Aim of the exercise = All of the records that follow need to be copied word for word, without the pictures.

(Records contained in a dataset)
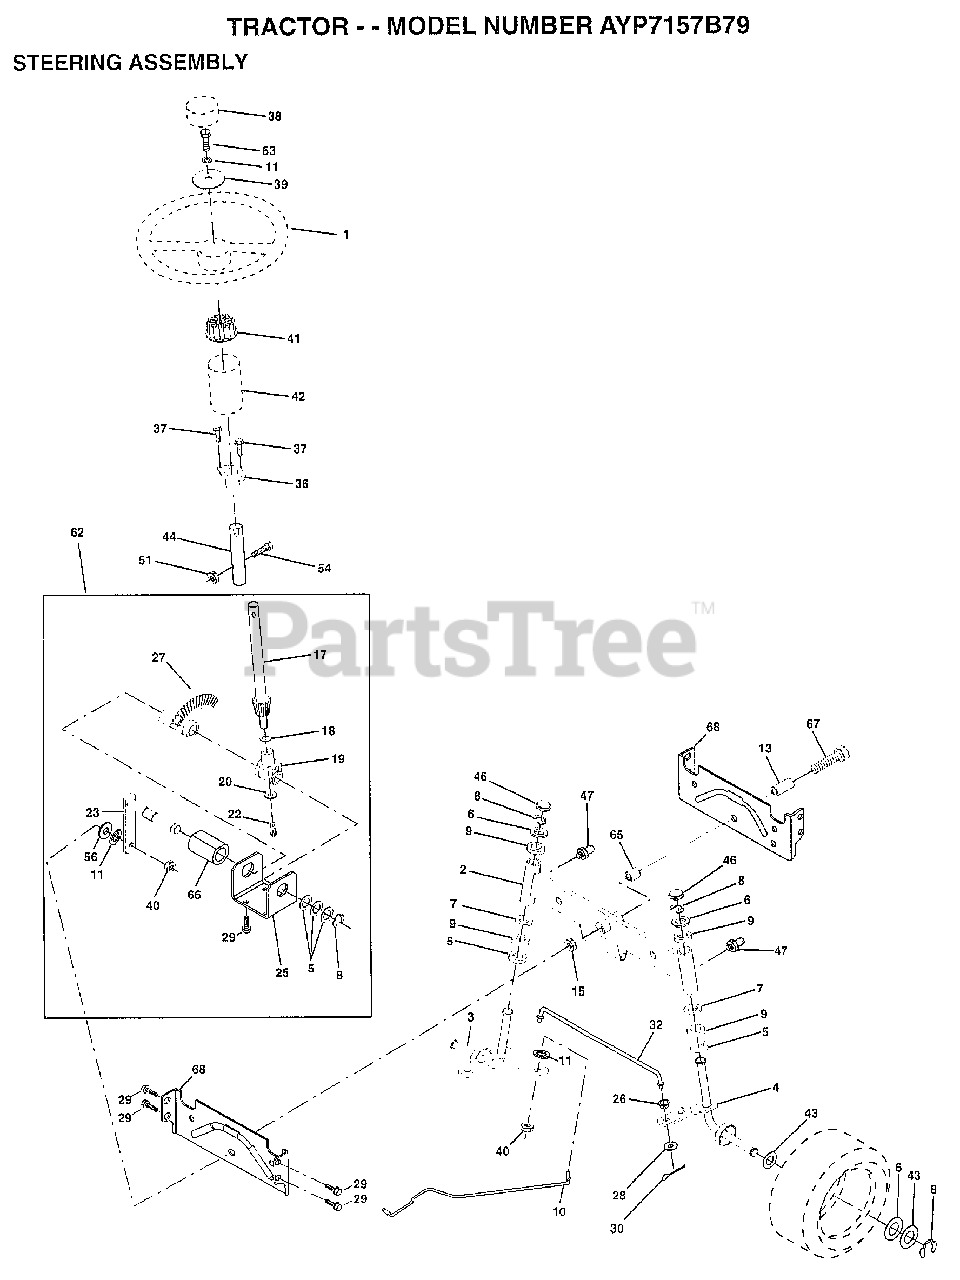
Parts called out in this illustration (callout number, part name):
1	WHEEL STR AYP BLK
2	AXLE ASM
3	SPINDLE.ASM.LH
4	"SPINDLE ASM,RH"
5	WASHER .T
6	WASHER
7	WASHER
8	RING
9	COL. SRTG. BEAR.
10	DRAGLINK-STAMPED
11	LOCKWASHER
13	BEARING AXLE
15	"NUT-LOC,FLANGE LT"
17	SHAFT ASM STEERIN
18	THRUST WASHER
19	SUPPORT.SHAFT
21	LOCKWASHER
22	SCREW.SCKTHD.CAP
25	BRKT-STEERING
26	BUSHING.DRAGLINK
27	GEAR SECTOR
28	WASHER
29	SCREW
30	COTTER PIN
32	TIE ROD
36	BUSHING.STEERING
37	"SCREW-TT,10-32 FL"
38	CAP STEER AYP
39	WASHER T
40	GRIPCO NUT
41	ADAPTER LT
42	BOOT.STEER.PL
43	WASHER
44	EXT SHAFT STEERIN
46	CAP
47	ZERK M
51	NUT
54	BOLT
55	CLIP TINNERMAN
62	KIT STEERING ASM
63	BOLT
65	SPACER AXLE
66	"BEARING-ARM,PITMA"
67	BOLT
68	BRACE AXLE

Answer =
Parts called out in this illustration (callout number, part name):
1	WHEEL STR AYP BLK
2	AXLE ASM
3	SPINDLE.ASM.LH
4	"SPINDLE ASM,RH"
5	WASHER .T
6	WASHER
7	WASHER
8	RING
9	COL. SRTG. BEAR.
10	DRAGLINK-STAMPED
11	LOCKWASHER
13	BEARING AXLE
15	"NUT-LOC,FLANGE LT"
17	SHAFT ASM STEERIN
18	THRUST WASHER
19	SUPPORT.SHAFT
21	LOCKWASHER
22	SCREW.SCKTHD.CAP
25	BRKT-STEERING
26	BUSHING.DRAGLINK
27	GEAR SECTOR
28	WASHER
29	SCREW
30	COTTER PIN
32	TIE ROD
36	BUSHING.STEERING
37	"SCREW-TT,10-32 FL"
38	CAP STEER AYP
39	WASHER T
40	GRIPCO NUT
41	ADAPTER LT
42	BOOT.STEER.PL
43	WASHER
44	EXT SHAFT STEERIN
46	CAP
47	ZERK M
51	NUT
54	BOLT
55	CLIP TINNERMAN
62	KIT STEERING ASM
63	BOLT
65	SPACER AXLE
66	"BEARING-ARM,PITMA"
67	BOLT
68	BRACE AXLE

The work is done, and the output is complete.